Green Technology Forum

Rona Fried, PhD, publisher, interviewed Green Technology Forum director Dr. George Elvin for the November 2007 issue of Progressive Investor:

Nanotechnology & Green Building

When you think of nanotechnology do you think of green building? Probably not, but nanotech, the manipulation of matter at the molecular scale, is already providing environmental benefits for buildings.

Although the market for nano-enhanced building materials in the U.S. was under $20 million in 2006, it’s expected to grow to $400 million by 2016. $4 billion a year is being pumped into nanotech R&D worldwide, resulting in a pipeline of materials and products that will transform the way future buildings are made.

Nano has the potential to greatly reduce emissions from buildings - which produce 43% of the world’s CO2 emissions - reduce construction waste, which accounts for 40% of landfill materials, while providing cleaner air and water inside buildings.

In the first wave, nanotech is making its way into insulation, coatings and solar PV. The next wave, currently in the development stage, will bring advances in lighting technology, air and water purification.

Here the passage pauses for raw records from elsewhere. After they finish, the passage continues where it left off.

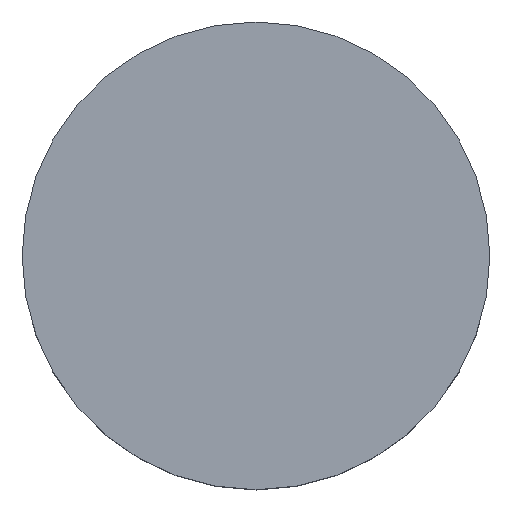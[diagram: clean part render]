
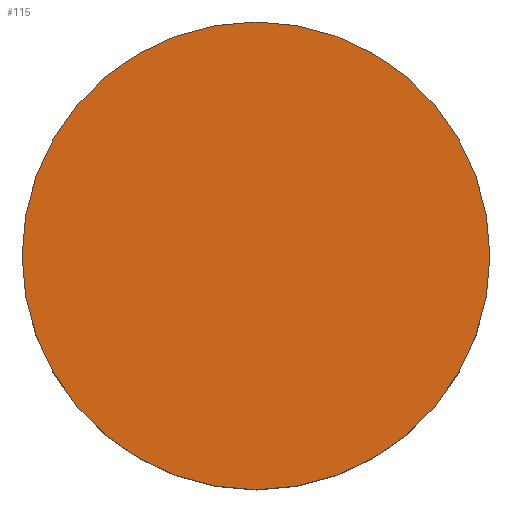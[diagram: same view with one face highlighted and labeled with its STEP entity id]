
A CAD part, top view. The second image highlights one B-rep face of the part: STEP entity #115.
In plain terms, the highlighted planar face has unit normal (0, 0, 1).
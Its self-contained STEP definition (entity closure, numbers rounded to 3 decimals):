
#115=ADVANCED_FACE('',(#129),#126,.T.);
#126=PLANE('',#242);
#129=FACE_OUTER_BOUND('',#139,.T.);
#139=EDGE_LOOP('',(#151,#152));
#151=ORIENTED_EDGE('',*,*,#203,.F.);
#152=ORIENTED_EDGE('',*,*,#204,.F.);
#191=VERTEX_POINT('',#329);
#192=VERTEX_POINT('',#330);
#203=EDGE_CURVE('',#191,#192,#223,.T.);
#204=EDGE_CURVE('',#192,#191,#224,.T.);
#223=CIRCLE('',#240,8.);
#224=CIRCLE('',#241,8.);
#240=AXIS2_PLACEMENT_3D('',#328,#269,#270);
#241=AXIS2_PLACEMENT_3D('',#331,#271,#272);
#242=AXIS2_PLACEMENT_3D('',#332,#273,#274);
#269=DIRECTION('',(0.,0.,-1.));
#270=DIRECTION('',(-1.,0.,0.));
#271=DIRECTION('',(0.,0.,-1.));
#272=DIRECTION('',(1.,0.,0.));
#273=DIRECTION('',(0.,0.,1.));
#274=DIRECTION('',(1.,0.,0.));
#328=CARTESIAN_POINT('',(0.,0.,5.));
#329=CARTESIAN_POINT('',(0.,8.,5.));
#330=CARTESIAN_POINT('',(0.,-8.,5.));
#331=CARTESIAN_POINT('',(0.,0.,5.));
#332=CARTESIAN_POINT('',(0.,0.,5.));
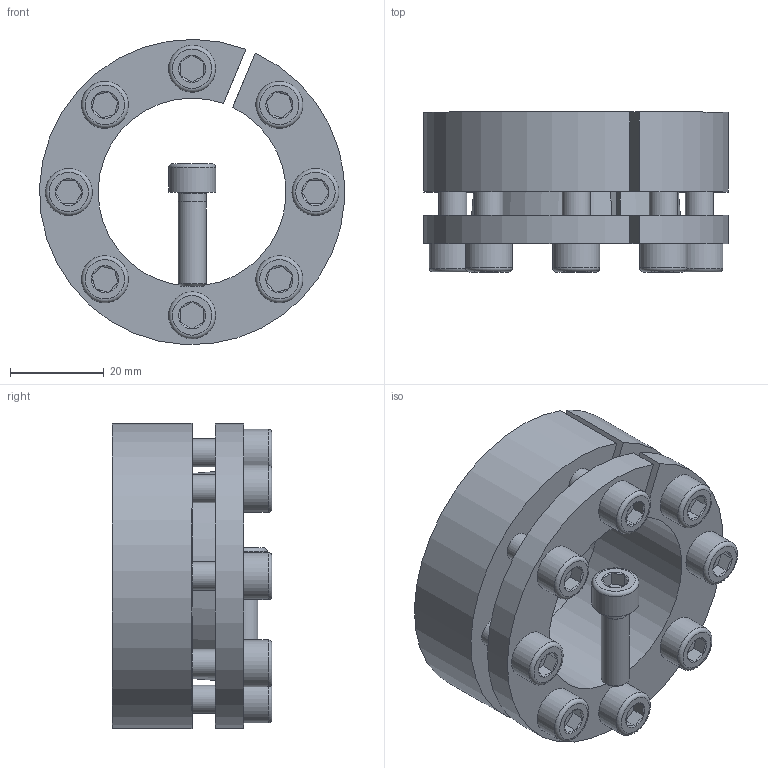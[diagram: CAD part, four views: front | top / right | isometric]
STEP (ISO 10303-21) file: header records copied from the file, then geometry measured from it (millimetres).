
FILE_DESCRIPTION( ( 'Unknown' ), '1' );
FILE_NAME( 'C:/Dokumente und Einstellungen/Sven/Desktop/homepage/cad - homepage/KBS13/KBS 13 - 40 x 65.stp', 'Unknown', ( 'Unknown' ), ( 'Unknown' ), 'XStep 1.0', 'Unknown', ' ' );
FILE_SCHEMA( ( 'automotive_design' ) );
Length unit declared in the file: millimetre
Products named in the file (3): Assem1; KBS 13 - 40 x 65; ISO EN DIN 4762 M6x20
Bounding box: 64.92 x 34 x 64.96 mm (x, y, z)
Volume: 94091.7 mm3; surface area: 46135.9 mm2
Topology: 11 solids, 11 shells, 281 faces, 573 edges, 350 vertices
Faces by surface type: plane 122, cylinder 74, cone 67, torus 18
Full cylindrical faces by diameter (mm): 5 x9, 6 x50, 10 x9
Entity records: 1774 total; most frequent: CARTESIAN_POINT 293, DIRECTION 272, ORIENTED_EDGE 194, AXIS2_PLACEMENT_3D 122, EDGE_LOOP 112, EDGE_CURVE 97, FACE_OUTER_BOUND 75, VERTEX_POINT 75
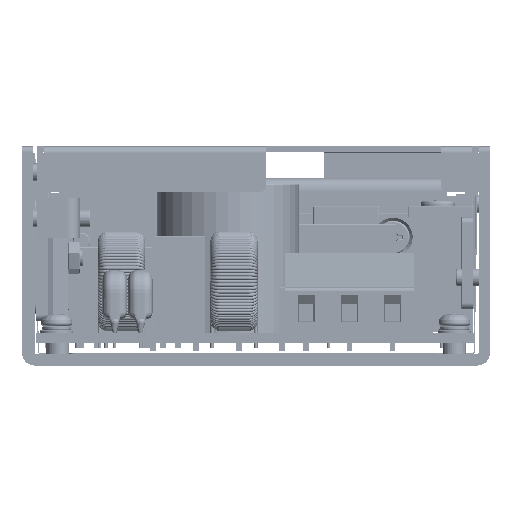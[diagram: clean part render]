
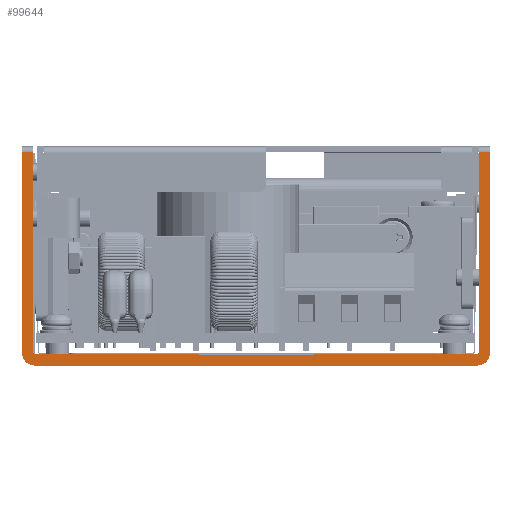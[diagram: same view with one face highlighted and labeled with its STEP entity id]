
A CAD part, left-side view. The second image highlights one B-rep face of the part: STEP entity #99644.
In plain terms, the highlighted planar face has unit normal (-1, 0, 0).
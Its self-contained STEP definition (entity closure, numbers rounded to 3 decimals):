
#8261=PLANE($,#107433);
#9588=FACE_OUTER_BOUND($,#17203,.T.);
#17203=EDGE_LOOP($,(#64577,#64578,#64579,#64580,#64581,#64582,#64583,#64584,
#64585,#64586,#64587,#64588));
#25971=LINE($,#159681,#30205);
#25994=LINE($,#159777,#30228);
#25995=LINE($,#159781,#30229);
#25996=LINE($,#159785,#30230);
#26014=LINE($,#159869,#30248);
#26015=LINE($,#159872,#30249);
#26016=LINE($,#159874,#30250);
#26017=LINE($,#159878,#30251);
#30205=VECTOR($,#123433,34.9);
#30228=VECTOR($,#123512,34.9);
#30229=VECTOR($,#123517,2.);
#30230=VECTOR($,#123522,34.9);
#30248=VECTOR($,#123590,77.);
#30249=VECTOR($,#123593,2.);
#30250=VECTOR($,#123594,34.9);
#30251=VECTOR($,#123597,77.);
#34492=CIRCLE($,#107434,2.2);
#34493=CIRCLE($,#107435,2.2);
#34494=CIRCLE($,#107436,0.2);
#34495=CIRCLE($,#107437,0.2);
#42201=VERTEX_POINT($,#159678);
#42202=VERTEX_POINT($,#159680);
#42246=VERTEX_POINT($,#159774);
#42247=VERTEX_POINT($,#159776);
#42248=VERTEX_POINT($,#159780);
#42249=VERTEX_POINT($,#159784);
#42289=VERTEX_POINT($,#159866);
#42290=VERTEX_POINT($,#159868);
#42291=VERTEX_POINT($,#159871);
#42292=VERTEX_POINT($,#159873);
#42293=VERTEX_POINT($,#159875);
#42294=VERTEX_POINT($,#159877);
#49818=EDGE_CURVE($,#42202,#42201,#25971,.T.);
#49866=EDGE_CURVE($,#42247,#42246,#25994,.T.);
#49868=EDGE_CURVE($,#42247,#42248,#25995,.T.);
#49870=EDGE_CURVE($,#42249,#42248,#25996,.T.);
#49911=EDGE_CURVE($,#42246,#42289,#34492,.T.);
#49912=EDGE_CURVE($,#42289,#42290,#26014,.T.);
#49913=EDGE_CURVE($,#42290,#42202,#34493,.T.);
#49914=EDGE_CURVE($,#42291,#42201,#26015,.T.);
#49915=EDGE_CURVE($,#42291,#42292,#26016,.T.);
#49916=EDGE_CURVE($,#42292,#42293,#34494,.T.);
#49917=EDGE_CURVE($,#42293,#42294,#26017,.T.);
#49918=EDGE_CURVE($,#42294,#42249,#34495,.T.);
#64577=ORIENTED_EDGE($,*,*,#49868,.F.);
#64578=ORIENTED_EDGE($,*,*,#49866,.T.);
#64579=ORIENTED_EDGE($,*,*,#49911,.T.);
#64580=ORIENTED_EDGE($,*,*,#49912,.T.);
#64581=ORIENTED_EDGE($,*,*,#49913,.T.);
#64582=ORIENTED_EDGE($,*,*,#49818,.T.);
#64583=ORIENTED_EDGE($,*,*,#49914,.F.);
#64584=ORIENTED_EDGE($,*,*,#49915,.T.);
#64585=ORIENTED_EDGE($,*,*,#49916,.T.);
#64586=ORIENTED_EDGE($,*,*,#49917,.T.);
#64587=ORIENTED_EDGE($,*,*,#49918,.T.);
#64588=ORIENTED_EDGE($,*,*,#49870,.T.);
#99644=ADVANCED_FACE($,(#9588),#8261,.T.);
#107433=AXIS2_PLACEMENT_3D($,#159865,#123586,#123587);
#107434=AXIS2_PLACEMENT_3D($,#159867,#123588,#123589);
#107435=AXIS2_PLACEMENT_3D($,#159870,#123591,#123592);
#107436=AXIS2_PLACEMENT_3D($,#159876,#123595,#123596);
#107437=AXIS2_PLACEMENT_3D($,#159879,#123598,#123599);
#123433=DIRECTION($,(0.,0.,1.));
#123512=DIRECTION($,(0.,0.,-1.));
#123517=DIRECTION($,(0.,-1.,0.));
#123522=DIRECTION($,(0.,0.,1.));
#123586=DIRECTION('center_axis',(-1.,0.,0.));
#123587=DIRECTION('ref_axis',(0.,0.,1.));
#123588=DIRECTION('center_axis',(-1.,0.,0.));
#123589=DIRECTION('ref_axis',(0.,1.,0.));
#123590=DIRECTION($,(0.,-1.,0.));
#123591=DIRECTION('center_axis',(-1.,0.,0.));
#123592=DIRECTION('ref_axis',(0.,0.,-1.));
#123593=DIRECTION($,(0.,-1.,0.));
#123594=DIRECTION($,(0.,0.,-1.));
#123595=DIRECTION('center_axis',(1.,0.,0.));
#123596=DIRECTION('ref_axis',(0.,-1.,0.));
#123597=DIRECTION($,(0.,1.,0.));
#123598=DIRECTION('center_axis',(1.,0.,0.));
#123599=DIRECTION('ref_axis',(0.,0.,-1.));
#159678=CARTESIAN_POINT('',(0.,0.,
37.1));
#159680=CARTESIAN_POINT('',(0.,0.,
2.2));
#159681=CARTESIAN_POINT($,(0.,0.,
2.2));
#159774=CARTESIAN_POINT('',(0.,81.4,2.2));
#159776=CARTESIAN_POINT('',(0.,81.4,37.1));
#159777=CARTESIAN_POINT($,(0.,81.4,-1.193));
#159780=CARTESIAN_POINT('',(0.,79.4,37.1));
#159781=CARTESIAN_POINT($,(0.,39.7,37.1));
#159784=CARTESIAN_POINT('',(0.,79.4,2.2));
#159785=CARTESIAN_POINT($,(0.,79.4,-1.193));
#159865=CARTESIAN_POINT('Origin',(0.,0.,0.));
#159866=CARTESIAN_POINT('',(0.,79.2,0.));
#159867=CARTESIAN_POINT('Origin',(0.,79.2,2.2));
#159868=CARTESIAN_POINT('',(0.,2.2,0.));
#159869=CARTESIAN_POINT($,(0.,81.4,0.));
#159870=CARTESIAN_POINT('Origin',(0.,2.2,2.2));
#159871=CARTESIAN_POINT('',(0.,2.,37.1));
#159872=CARTESIAN_POINT($,(0.,1.,37.1));
#159873=CARTESIAN_POINT('',(0.,2.,2.2));
#159874=CARTESIAN_POINT($,(0.,2.,-1.193));
#159875=CARTESIAN_POINT('',(0.,2.2,2.));
#159876=CARTESIAN_POINT('Origin',(0.,2.2,2.2));
#159877=CARTESIAN_POINT('',(0.,79.2,2.));
#159878=CARTESIAN_POINT($,(0.,81.4,2.));
#159879=CARTESIAN_POINT('Origin',(0.,79.2,2.2));

In about ten years we’ll begin to see changes in structural components like concrete and steel, adhesives, and batteries.

We interviewed George Elvin, who recently published the fascinating report, “Nanotechnology for Green Building,” which identifies 130 startups and established companies offering or developing nanomaterials for green building. Elvin is director of the Green Technology Forum and Associate Professor at Ball State University.

PI: How is nano being used today in green building and who are the leading companies?

George Elvin:

Using nano to improve the performance of existing buildings is one of the great opportunities right now.

Nano insulation is one of the most commercialized nano products. It gets around the problem of insulating existing buildings, which is hard to do with bulky conventional materials like fiberglass. You literally paint or spray the insulation on - it’s invisible and non-toxic. The insulating coatings are so thin and clear that you don’t know they’re there.

With demand for energy efficient buildings rising, insulation is the most cost effective way to reduce carbon emissions from buildings - it lowers a building’s energy consumption by 42% while maintaining a comfortable indoor environment. Nano insulating materials are about 30% more efficient than conventional materials like fiberglass or cellulose.

Industrial Nanotech (INTK.PK), for example, is signing multi-million dollar contracts right and left. They also insulate pipelines - the coating insulates them from the weather, saving huge amounts of energy. In an example of another application, they just signed a big contract with the largest textile company in Turkey to coat some of their machinery. When you insulate machinery, the building’s cooling costs drop dramatically. It’s being applied to aluminum ceiling panels in the new Suvanabhumi International Airport in Bangkok, the world’s largest airport.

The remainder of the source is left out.